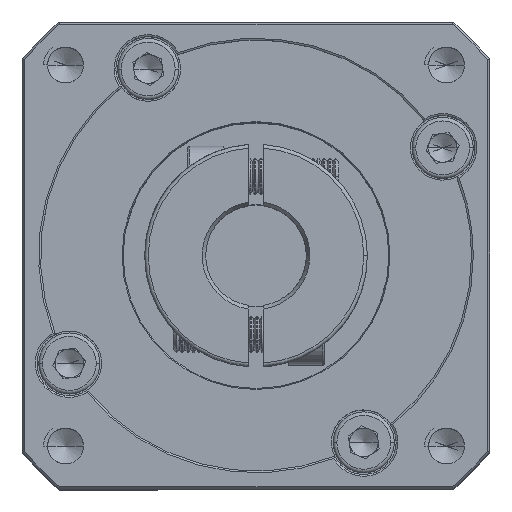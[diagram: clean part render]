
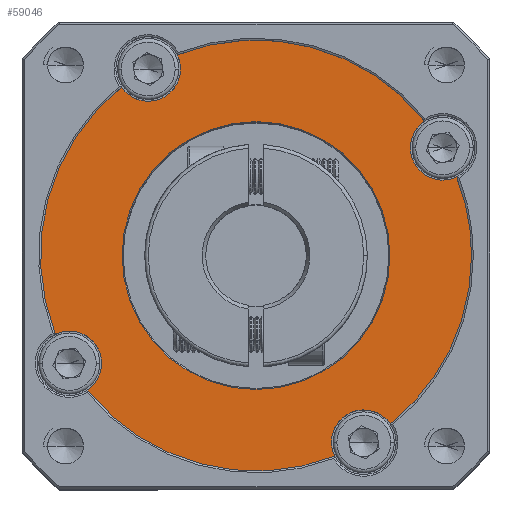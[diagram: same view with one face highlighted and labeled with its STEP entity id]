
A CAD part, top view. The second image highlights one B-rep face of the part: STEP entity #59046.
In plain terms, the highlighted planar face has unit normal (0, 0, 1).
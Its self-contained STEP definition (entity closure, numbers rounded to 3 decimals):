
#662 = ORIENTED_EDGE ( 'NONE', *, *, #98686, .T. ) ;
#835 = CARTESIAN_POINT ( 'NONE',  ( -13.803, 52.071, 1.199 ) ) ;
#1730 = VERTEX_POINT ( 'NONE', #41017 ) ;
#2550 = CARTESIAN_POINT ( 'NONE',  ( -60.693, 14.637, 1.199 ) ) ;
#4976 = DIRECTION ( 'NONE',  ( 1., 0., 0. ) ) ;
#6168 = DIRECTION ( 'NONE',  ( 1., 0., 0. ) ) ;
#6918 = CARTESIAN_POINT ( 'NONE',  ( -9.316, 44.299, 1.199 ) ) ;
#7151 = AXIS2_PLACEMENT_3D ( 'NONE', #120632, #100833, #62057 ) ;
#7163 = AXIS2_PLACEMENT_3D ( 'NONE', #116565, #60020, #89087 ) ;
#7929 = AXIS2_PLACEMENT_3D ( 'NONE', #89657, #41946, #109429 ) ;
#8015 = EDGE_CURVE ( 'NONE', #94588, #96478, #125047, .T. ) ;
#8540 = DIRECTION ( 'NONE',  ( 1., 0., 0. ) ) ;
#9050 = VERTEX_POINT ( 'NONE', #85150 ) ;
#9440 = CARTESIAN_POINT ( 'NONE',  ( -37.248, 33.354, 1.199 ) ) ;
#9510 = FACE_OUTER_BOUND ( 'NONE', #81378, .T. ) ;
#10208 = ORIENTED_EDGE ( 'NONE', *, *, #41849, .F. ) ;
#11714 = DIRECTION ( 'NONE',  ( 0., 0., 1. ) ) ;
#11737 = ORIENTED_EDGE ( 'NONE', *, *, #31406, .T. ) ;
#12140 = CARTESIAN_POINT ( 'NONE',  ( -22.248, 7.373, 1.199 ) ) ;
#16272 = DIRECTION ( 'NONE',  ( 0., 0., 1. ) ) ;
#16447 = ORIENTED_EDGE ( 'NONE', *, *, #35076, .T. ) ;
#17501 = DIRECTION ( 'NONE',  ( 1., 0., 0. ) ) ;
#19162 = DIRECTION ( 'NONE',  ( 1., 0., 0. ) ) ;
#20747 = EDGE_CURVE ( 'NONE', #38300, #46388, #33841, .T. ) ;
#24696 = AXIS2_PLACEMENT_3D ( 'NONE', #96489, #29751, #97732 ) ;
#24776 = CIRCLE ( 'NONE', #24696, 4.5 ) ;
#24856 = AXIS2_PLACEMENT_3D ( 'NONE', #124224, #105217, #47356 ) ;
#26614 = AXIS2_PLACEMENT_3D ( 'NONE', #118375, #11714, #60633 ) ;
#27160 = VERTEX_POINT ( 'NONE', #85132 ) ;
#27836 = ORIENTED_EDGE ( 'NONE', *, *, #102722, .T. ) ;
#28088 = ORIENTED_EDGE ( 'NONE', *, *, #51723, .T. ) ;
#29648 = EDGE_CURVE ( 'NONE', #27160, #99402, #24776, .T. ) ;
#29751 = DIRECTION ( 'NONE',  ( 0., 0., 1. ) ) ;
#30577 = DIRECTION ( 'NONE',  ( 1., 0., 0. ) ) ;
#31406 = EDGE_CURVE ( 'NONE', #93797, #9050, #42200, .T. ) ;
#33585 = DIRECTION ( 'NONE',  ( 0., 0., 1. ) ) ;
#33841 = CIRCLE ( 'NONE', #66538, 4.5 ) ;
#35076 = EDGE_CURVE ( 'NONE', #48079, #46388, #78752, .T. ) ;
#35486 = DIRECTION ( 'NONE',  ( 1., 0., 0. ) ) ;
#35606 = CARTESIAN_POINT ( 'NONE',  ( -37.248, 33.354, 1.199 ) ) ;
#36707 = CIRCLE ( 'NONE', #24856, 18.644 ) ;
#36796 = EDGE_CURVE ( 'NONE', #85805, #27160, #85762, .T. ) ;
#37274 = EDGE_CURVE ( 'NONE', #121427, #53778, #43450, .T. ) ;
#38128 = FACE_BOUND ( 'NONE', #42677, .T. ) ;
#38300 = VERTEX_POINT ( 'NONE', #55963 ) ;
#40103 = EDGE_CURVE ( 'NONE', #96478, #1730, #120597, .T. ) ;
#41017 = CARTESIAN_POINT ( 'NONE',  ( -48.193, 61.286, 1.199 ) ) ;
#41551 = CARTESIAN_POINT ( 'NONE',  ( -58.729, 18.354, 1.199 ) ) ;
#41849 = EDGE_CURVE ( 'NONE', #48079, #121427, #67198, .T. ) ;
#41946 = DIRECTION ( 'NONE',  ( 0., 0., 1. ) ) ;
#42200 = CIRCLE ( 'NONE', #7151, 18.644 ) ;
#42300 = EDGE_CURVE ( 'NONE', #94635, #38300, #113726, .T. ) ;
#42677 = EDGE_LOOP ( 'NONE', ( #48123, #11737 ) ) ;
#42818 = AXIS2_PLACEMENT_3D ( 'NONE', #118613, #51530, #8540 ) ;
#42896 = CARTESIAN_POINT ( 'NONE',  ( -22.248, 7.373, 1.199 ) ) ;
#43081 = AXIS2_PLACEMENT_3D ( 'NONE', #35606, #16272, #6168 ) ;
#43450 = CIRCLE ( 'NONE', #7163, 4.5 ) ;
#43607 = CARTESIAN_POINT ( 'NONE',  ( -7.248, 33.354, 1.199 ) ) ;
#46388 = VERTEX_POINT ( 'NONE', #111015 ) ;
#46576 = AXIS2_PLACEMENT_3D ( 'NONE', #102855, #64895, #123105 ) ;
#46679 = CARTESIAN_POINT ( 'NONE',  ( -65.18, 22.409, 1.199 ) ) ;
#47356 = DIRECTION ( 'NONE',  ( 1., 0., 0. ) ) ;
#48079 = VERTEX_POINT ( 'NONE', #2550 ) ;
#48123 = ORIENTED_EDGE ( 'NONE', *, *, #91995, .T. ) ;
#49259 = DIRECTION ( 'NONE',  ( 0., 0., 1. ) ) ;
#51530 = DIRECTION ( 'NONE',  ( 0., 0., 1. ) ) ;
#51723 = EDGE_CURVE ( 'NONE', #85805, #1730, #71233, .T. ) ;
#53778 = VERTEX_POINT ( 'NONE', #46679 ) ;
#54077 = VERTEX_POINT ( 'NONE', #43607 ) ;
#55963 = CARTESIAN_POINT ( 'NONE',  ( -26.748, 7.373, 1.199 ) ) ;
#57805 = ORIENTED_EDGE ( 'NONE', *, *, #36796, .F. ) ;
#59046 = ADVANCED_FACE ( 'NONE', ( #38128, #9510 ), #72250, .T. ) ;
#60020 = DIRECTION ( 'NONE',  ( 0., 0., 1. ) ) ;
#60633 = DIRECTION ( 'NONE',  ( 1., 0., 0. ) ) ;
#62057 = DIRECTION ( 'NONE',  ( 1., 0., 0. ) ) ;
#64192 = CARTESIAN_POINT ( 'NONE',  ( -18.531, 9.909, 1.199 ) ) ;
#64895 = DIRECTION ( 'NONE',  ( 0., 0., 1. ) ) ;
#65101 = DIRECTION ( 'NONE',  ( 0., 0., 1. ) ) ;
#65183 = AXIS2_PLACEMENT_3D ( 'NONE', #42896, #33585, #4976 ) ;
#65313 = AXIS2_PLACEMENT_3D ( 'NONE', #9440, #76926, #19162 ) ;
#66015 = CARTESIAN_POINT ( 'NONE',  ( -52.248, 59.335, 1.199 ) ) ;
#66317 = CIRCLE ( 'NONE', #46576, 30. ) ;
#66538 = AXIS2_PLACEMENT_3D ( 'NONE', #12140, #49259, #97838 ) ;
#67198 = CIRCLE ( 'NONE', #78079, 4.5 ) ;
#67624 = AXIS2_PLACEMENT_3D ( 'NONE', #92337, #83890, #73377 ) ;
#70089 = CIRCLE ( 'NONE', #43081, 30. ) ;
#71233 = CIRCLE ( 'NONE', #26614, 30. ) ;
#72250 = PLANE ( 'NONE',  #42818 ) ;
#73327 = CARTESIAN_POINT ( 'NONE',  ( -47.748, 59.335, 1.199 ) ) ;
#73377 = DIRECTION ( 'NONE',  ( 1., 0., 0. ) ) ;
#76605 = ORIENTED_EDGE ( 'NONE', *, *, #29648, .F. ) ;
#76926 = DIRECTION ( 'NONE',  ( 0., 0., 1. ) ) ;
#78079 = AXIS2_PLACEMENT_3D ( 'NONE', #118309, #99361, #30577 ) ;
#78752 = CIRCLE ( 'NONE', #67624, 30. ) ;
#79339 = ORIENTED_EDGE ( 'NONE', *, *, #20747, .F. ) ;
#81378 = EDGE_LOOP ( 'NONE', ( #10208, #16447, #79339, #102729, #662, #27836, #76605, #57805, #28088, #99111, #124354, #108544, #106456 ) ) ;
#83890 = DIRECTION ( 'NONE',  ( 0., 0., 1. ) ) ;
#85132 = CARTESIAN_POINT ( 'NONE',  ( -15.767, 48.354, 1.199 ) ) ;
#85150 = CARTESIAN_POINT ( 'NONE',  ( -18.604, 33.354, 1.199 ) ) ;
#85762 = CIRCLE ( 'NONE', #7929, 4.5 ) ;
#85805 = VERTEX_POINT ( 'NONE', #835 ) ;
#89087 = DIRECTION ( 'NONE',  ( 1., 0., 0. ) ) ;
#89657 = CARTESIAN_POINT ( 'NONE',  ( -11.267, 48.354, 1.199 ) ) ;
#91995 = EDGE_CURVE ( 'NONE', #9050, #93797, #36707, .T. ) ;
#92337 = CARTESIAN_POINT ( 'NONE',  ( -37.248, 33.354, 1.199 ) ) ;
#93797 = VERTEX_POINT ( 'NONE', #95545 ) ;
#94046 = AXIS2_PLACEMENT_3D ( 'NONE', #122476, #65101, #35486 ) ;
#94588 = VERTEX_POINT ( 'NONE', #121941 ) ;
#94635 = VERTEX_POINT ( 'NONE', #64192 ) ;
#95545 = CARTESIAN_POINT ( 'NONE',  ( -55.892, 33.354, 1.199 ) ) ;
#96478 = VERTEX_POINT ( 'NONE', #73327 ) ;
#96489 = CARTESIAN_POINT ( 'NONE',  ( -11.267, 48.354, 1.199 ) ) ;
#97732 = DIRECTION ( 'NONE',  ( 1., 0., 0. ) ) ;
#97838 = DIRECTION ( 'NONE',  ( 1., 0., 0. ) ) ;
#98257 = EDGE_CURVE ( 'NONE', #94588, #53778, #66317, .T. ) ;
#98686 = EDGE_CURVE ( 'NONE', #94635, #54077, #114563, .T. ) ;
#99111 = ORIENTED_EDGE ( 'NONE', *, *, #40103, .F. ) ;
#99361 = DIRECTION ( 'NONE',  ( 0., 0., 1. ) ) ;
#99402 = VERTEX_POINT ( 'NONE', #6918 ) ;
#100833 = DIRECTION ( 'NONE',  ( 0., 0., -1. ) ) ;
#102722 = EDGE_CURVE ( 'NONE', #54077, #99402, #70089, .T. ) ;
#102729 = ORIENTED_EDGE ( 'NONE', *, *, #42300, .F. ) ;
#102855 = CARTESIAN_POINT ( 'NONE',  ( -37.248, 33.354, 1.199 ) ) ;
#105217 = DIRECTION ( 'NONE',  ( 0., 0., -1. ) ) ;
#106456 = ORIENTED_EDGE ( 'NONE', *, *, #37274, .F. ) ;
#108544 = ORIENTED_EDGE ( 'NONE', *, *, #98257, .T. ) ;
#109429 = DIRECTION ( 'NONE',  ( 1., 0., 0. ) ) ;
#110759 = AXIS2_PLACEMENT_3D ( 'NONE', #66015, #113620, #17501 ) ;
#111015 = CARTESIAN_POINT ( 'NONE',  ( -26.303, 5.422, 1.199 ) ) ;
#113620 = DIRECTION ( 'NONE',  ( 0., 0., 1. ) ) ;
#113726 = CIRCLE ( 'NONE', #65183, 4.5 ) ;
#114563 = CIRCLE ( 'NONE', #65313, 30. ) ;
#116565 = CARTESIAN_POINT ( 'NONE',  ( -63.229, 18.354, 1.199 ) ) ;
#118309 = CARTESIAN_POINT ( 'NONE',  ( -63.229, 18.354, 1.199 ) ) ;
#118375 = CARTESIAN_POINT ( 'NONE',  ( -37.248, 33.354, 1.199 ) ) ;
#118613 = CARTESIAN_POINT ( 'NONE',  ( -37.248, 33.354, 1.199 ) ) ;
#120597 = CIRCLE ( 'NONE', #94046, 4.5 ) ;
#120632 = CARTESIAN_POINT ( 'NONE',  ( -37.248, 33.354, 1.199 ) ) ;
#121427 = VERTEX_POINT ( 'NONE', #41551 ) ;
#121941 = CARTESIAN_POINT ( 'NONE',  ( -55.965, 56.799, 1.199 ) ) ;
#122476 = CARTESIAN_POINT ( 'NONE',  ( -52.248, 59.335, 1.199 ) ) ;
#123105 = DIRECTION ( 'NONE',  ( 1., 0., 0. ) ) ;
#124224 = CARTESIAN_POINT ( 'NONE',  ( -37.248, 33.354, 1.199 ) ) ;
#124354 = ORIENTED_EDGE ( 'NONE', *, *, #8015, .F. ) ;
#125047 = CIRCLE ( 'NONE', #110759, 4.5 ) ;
-- -- --
◆ **INSTRUCTIONS TO FOLLOW**
Looking at the records above, return exactly the lines from the line with "#33841 = CIRCLE ( 'NONE', #66538, 4.5 ) ;" to the line with "#48079 = VERTEX_POINT ( 'NONE', #2550 ) ;", both ends included.

◆ **REPLY TO THE TASK**
#33841 = CIRCLE ( 'NONE', #66538, 4.5 ) ;
#35076 = EDGE_CURVE ( 'NONE', #48079, #46388, #78752, .T. ) ;
#35486 = DIRECTION ( 'NONE',  ( 1., 0., 0. ) ) ;
#35606 = CARTESIAN_POINT ( 'NONE',  ( -37.248, 33.354, 1.199 ) ) ;
#36707 = CIRCLE ( 'NONE', #24856, 18.644 ) ;
#36796 = EDGE_CURVE ( 'NONE', #85805, #27160, #85762, .T. ) ;
#37274 = EDGE_CURVE ( 'NONE', #121427, #53778, #43450, .T. ) ;
#38128 = FACE_BOUND ( 'NONE', #42677, .T. ) ;
#38300 = VERTEX_POINT ( 'NONE', #55963 ) ;
#40103 = EDGE_CURVE ( 'NONE', #96478, #1730, #120597, .T. ) ;
#41017 = CARTESIAN_POINT ( 'NONE',  ( -48.193, 61.286, 1.199 ) ) ;
#41551 = CARTESIAN_POINT ( 'NONE',  ( -58.729, 18.354, 1.199 ) ) ;
#41849 = EDGE_CURVE ( 'NONE', #48079, #121427, #67198, .T. ) ;
#41946 = DIRECTION ( 'NONE',  ( 0., 0., 1. ) ) ;
#42200 = CIRCLE ( 'NONE', #7151, 18.644 ) ;
#42300 = EDGE_CURVE ( 'NONE', #94635, #38300, #113726, .T. ) ;
#42677 = EDGE_LOOP ( 'NONE', ( #48123, #11737 ) ) ;
#42818 = AXIS2_PLACEMENT_3D ( 'NONE', #118613, #51530, #8540 ) ;
#42896 = CARTESIAN_POINT ( 'NONE',  ( -22.248, 7.373, 1.199 ) ) ;
#43081 = AXIS2_PLACEMENT_3D ( 'NONE', #35606, #16272, #6168 ) ;
#43450 = CIRCLE ( 'NONE', #7163, 4.5 ) ;
#43607 = CARTESIAN_POINT ( 'NONE',  ( -7.248, 33.354, 1.199 ) ) ;
#46388 = VERTEX_POINT ( 'NONE', #111015 ) ;
#46576 = AXIS2_PLACEMENT_3D ( 'NONE', #102855, #64895, #123105 ) ;
#46679 = CARTESIAN_POINT ( 'NONE',  ( -65.18, 22.409, 1.199 ) ) ;
#47356 = DIRECTION ( 'NONE',  ( 1., 0., 0. ) ) ;
#48079 = VERTEX_POINT ( 'NONE', #2550 ) ;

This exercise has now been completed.